Thanks for any thoughts you can give on this....


----------



## Tool (Feb 14, 2011)

If she is a stay at home Mom, the house better be spotless and dinner better be ready when you get home..

I do not think it is too much to ask..

Of course she wants to skate by with as little work as possible, that is why she is a stay at home Mom lol..

Honestly I wouldn't stand for this BS..

My Wife and I both work, and my Wife is very lazy.. If I don't get the place clean it gets trashed and stays that way.. But of course she thinks I do not do enough around the house..


----------



## Enchantment (May 11, 2011)

Is the issue really about a fair and equitable division of labor between you, or is it because you don't feel like you are acknowledged for what you provide for your family?

I have never been a SAHM so cannot really relate to that, but I do know that when I was on extended maternity leave with both of my kids, I went crazy. Being home all day with little kids can kind of be like sinking into a black hole, sometimes, especially if you were previously working and out and about. I remember trying to clean up during the day, just to have everything undone behind me about as soon as I picked up. 

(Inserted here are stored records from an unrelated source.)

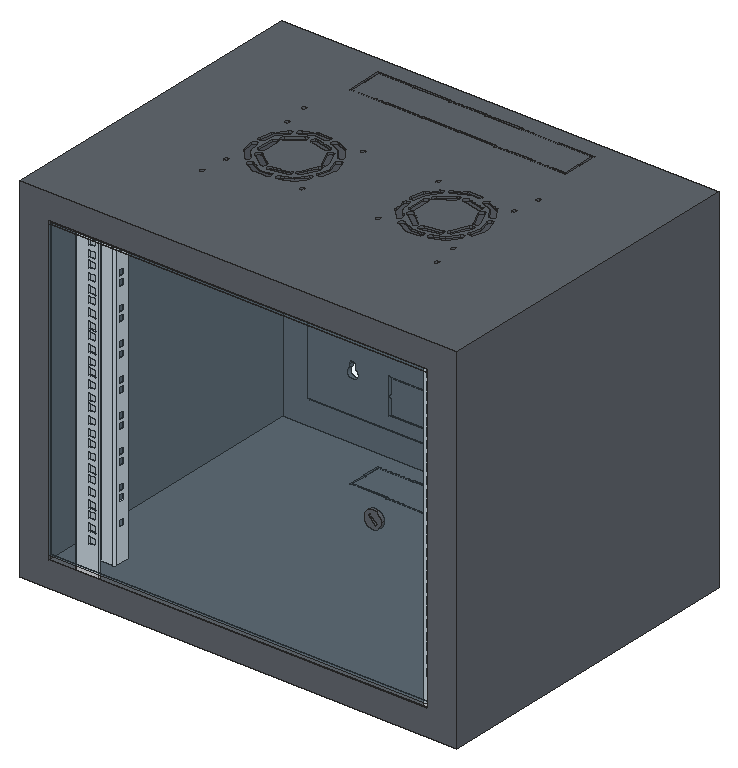
Revit family "Fix wallmount cabinets Legrand Linkeo with fix side panels", category Equipement spécialisé, Revit 2020 (continued)
Automatic sketch dimensions
  Extrusion 62 sketch curve to Extrusion 62 sketch curve = 22.25 mm
  Extrusion 63 sketch curve to Extrusion 63 sketch curve = 9.50 mm  (x2)
  Extrusion 64 sketch curve to Extrusion 64 sketch curve = 0.00 mm
  Extrusion 64 sketch curve to Extrusion 64 sketch curve = 9.50 mm  (x4)
  Extrusion 64 sketch curve to Extrusion 64 sketch curve = 22.25 mm
  Extrusion 65 sketch curve to Extrusion 65 sketch curve = 9.50 mm  (x2)
  Extrusion 66 sketch curve to Extrusion 66 sketch curve = 0.00 mm
  Extrusion 66 sketch curve to Extrusion 66 sketch curve = 9.50 mm  (x4)
  Extrusion 66 sketch curve to Extrusion 66 sketch curve = 22.25 mm
  Extrusion 67 sketch curve to Extrusion 67 sketch curve = 9.50 mm  (x2)
  Extrusion 68 sketch curve to Extrusion 68 sketch curve = 0.00 mm
  Extrusion 68 sketch curve to Extrusion 68 sketch curve = 9.50 mm  (x4)
  Extrusion 68 sketch curve to Extrusion 68 sketch curve = 22.25 mm
  Extrusion 69 sketch curve to Extrusion 69 sketch curve = 9.50 mm  (x2)
  Extrusion 70 sketch curve to Extrusion 70 sketch curve = 9.50 mm  (x2)
  Extrusion 71 sketch curve to Extrusion 71 sketch curve = 9.50 mm  (x2)
  Extrusion 72 sketch curve to Extrusion 72 sketch curve = 9.50 mm  (x2)
  Extrusion 73 sketch curve to Extrusion 73 sketch curve = 9.50 mm  (x2)
  Extrusion 74 sketch curve to Extrusion 74 sketch curve = 9.50 mm  (x2)
  Extrusion 75 sketch curve to Extrusion 75 sketch curve = 9.50 mm  (x2)
  radius of Extrusion 53 sketch curve = 12.00 mm
  radius of Extrusion 55 sketch curve = 12.00 mm
  radius of Extrusion 6 sketch curve = 2.75 mm  (x12)
  radius of Extrusion 57 sketch curve = 2.75 mm  (x12)
Connectors
  electrical at (302.5, -2, 246)
    settings: on cut or joined group of Extrusion 1, Extrusion 2, Extrusion 3, Extrusion 6, Extrusion 7, Extrusion 8, Extrusion 40, index 1, voltage 0 V, apparent load 0 VA, apparent load phase1 0 VA, apparent load phase2 0 VA, apparent load phase3 0 VA, power factor 1, load classification "Autre", number of poles 1, system type 31, power factor state 1, is connector primary yes, connector utility no, sub classification motor no, connector description ""
Types (12, lengths in mm): name | Y fixation | Usable height (mm) | Number of height units | Max load capacity | Legrand part number | E-catalogue link | Depth (mm) | Height (mm) | EAN | BIM wording
  Fix wallmount cabinet Legrand Linkeo with fix side panels 12U W600 D450 646202.rfa | 419.00 | 555.00 | 12 | "36" | "646202" | "https://www.legrand.fr/reference/646202/pro" | 454.00 | 625.00 | "3414970967794" | "Fix wallmount cabinet Legrand Linkeo with fix side panels 12U W600 D450 646202.rfa"
  Fix wallmount cabinet Legrand Linkeo with fix side panels 12U W600 D600 646212.rfa | 419.00 | 555.00 | 12 | "36" | "646212" | "https://www.legrand.fr/reference/646212/pro" | 604.00 | 625.00 | "3414970967855" | "Fix wallmount cabinet Legrand Linkeo with fix side panels 12U W600 D600 646212.rfa"
  Fix wallmount cabinet Legrand Linkeo with fix side panels 15U W600 D450 646203.rfa | 552.00 | 688.00 | 15 | "45" | "646203" | "https://www.legrand.fr/reference/646203/pro" | 454.00 | 759.00 | "3414970967800" | "Fix wallmount cabinet Legrand Linkeo with fix side panels 15U W600 D450 646203.rfa"
  Fix wallmount cabinet Legrand Linkeo with fix side panels 15U W600 D600 646213.rfa | 552.00 | 688.00 | 15 | "45" | "646213" | "https://www.legrand.fr/reference/646213/pro" | 604.00 | 759.00 | "3414970967862" | "Fix wallmount cabinet Legrand Linkeo with fix side panels 15U W600 D600 646213.rfa"
  Fix wallmount cabinet Legrand Linkeo with fix side panels 18U W600 D450 646204.rfa | 685.00 | 821.00 | 18 | "54" | "646204" | "https://www.legrand.fr/reference/646204/pro" | 454.00 | 892.00 | "3414970967817" | "Fix wallmount cabinet Legrand Linkeo with fix side panels 18U W600 D450 646204.rfa"
  Fix wallmount cabinet Legrand Linkeo with fix side panels 18U W600 D600 646214.rfa | 685.00 | 821.00 | 18 | "54" | "646214" | "https://www.legrand.fr/reference/646214/pro" | 604.00 | 892.00 | "3414970967879" | "Fix wallmount cabinet Legrand Linkeo with fix side panels 18U W600 D600 646214.rfa"
  Fix wallmount cabinet Legrand Linkeo with fix side panels 21U W600 D450 646205.rfa | 819.00 | 955.00 | 21 | "63" | "646205" | "https://www.legrand.fr/reference/646205/pro" | 454.00 | 1025.00 | "3414970967824" | "Fix wallmount cabinet Legrand Linkeo with fix side panels 21U W600 D450 646205.rfa"
  Fix wallmount cabinet Legrand Linkeo with fix side panels 21U W600 D600 646215.rfa | 819.00 | 955.00 | 21 | "63" | "646215" | "https://www.legrand.fr/reference/646215/pro" | 604.00 | 1025.00 | "3414970967886" | "Fix wallmount cabinet Legrand Linkeo with fix side panels 21U W600 D600 646215.rfa"
  Fix wallmount cabinet Legrand Linkeo with fix side panels 6U W600 D450 646200.rfa | 152.00 | 288.00 | 6 | "18" | "646200" | "https://www.legrand.fr/reference/646200/pro" | 454.00 | 359.00 | "3414970967770" | "Fix wallmount cabinet Legrand Linkeo with fix side panels 6U W600 D450 646200.rfa"
  Fix wallmount cabinet Legrand Linkeo with fix side panels 6U W600 D600 646210.rfa | 152.00 | 288.00 | 6 | "18" | "646210" | "https://www.legrand.fr/reference/646210/pro" | 604.00 | 359.00 | "3414970967831" | "Fix wallmount cabinet Legrand Linkeo with fix side panels 6U W600 D600 646210.rfa"
  Fix wallmount cabinet Legrand Linkeo with fix side panels 9U W600 D450 646201.rfa | 286.00 | 422.00 | 9 | "27" | "646201" | "https://www.legrand.fr/reference/646201/pro" | 454.00 | 492.00 | "3414970967787" | "Fix wallmount cabinet Legrand Linkeo with fix side panels 9U W600 D450 646201.rfa"
  Fix wallmount cabinet Legrand Linkeo with fix side panels 9U W600 D600 646211.rfa | 286.00 | 422.00 | 9 | "27" | "646211" | "https://www.legrand.fr/reference/646211/pro" | 604.00 | 492.00 | "3414970967848" | "Fix wallmount cabinet Legrand Linkeo with fix side panels 9U W600 D600 646211.rfa"

I think you need to look into the reasons why your wife is acting this way. Was she previously working, and does she feel like she is under-utilized by staying at home? Does she get out and about much, or is she only maintaining her contact with those outside by facebook and seeing what's going on in the world via TV?

You two need to talk about this - and maybe in a more neutral setting with a third-party, like a marriage counselor. Note that your wife is pregnant again. If she is somewhat down about her situation, another baby may not be likely to help it - and with 3 small children underfoot all day, the issues just get compounded.

Look at ways that you can help relieve the burdens for each other - look at ways that you can help build each other up, instead of tearing each other down. Why concentrate on only the negative things that you feel she doesn't do to your liking - why not concentrate on the positive things and go from there?

God Bless.


----------



## madimoff (Feb 17, 2010)

Tool said:


> If she is a stay at home Mom, the house better be spotless and dinner better be ready when you get home.. *Sorry, ignore me I'm off to the optometrist..............*I do not think it is too much to ask.. WELL MAYBE NOT IN DINOSAURLANDIA.......... ?????Of course she wants to skate by with as little work as possible, that is why she is a stay at home Mom lol.. !!!!!!!!!!!!! nothing to do with giving the kids the best care and best start rather than farming them out, I guess.........
> Honestly I wouldn't stand for this BS..
> 
> My Wife and I both work, and my Wife is very lazy.. If I don't get the place clean it gets trashed and stays that way.. But of course she thinks I do not do enough around the house..


----------



## Tool (Feb 14, 2011)

Do you go to the optometrist all day everyday..

Its not too much to ask, if you can watch TV all day you can do things around the house..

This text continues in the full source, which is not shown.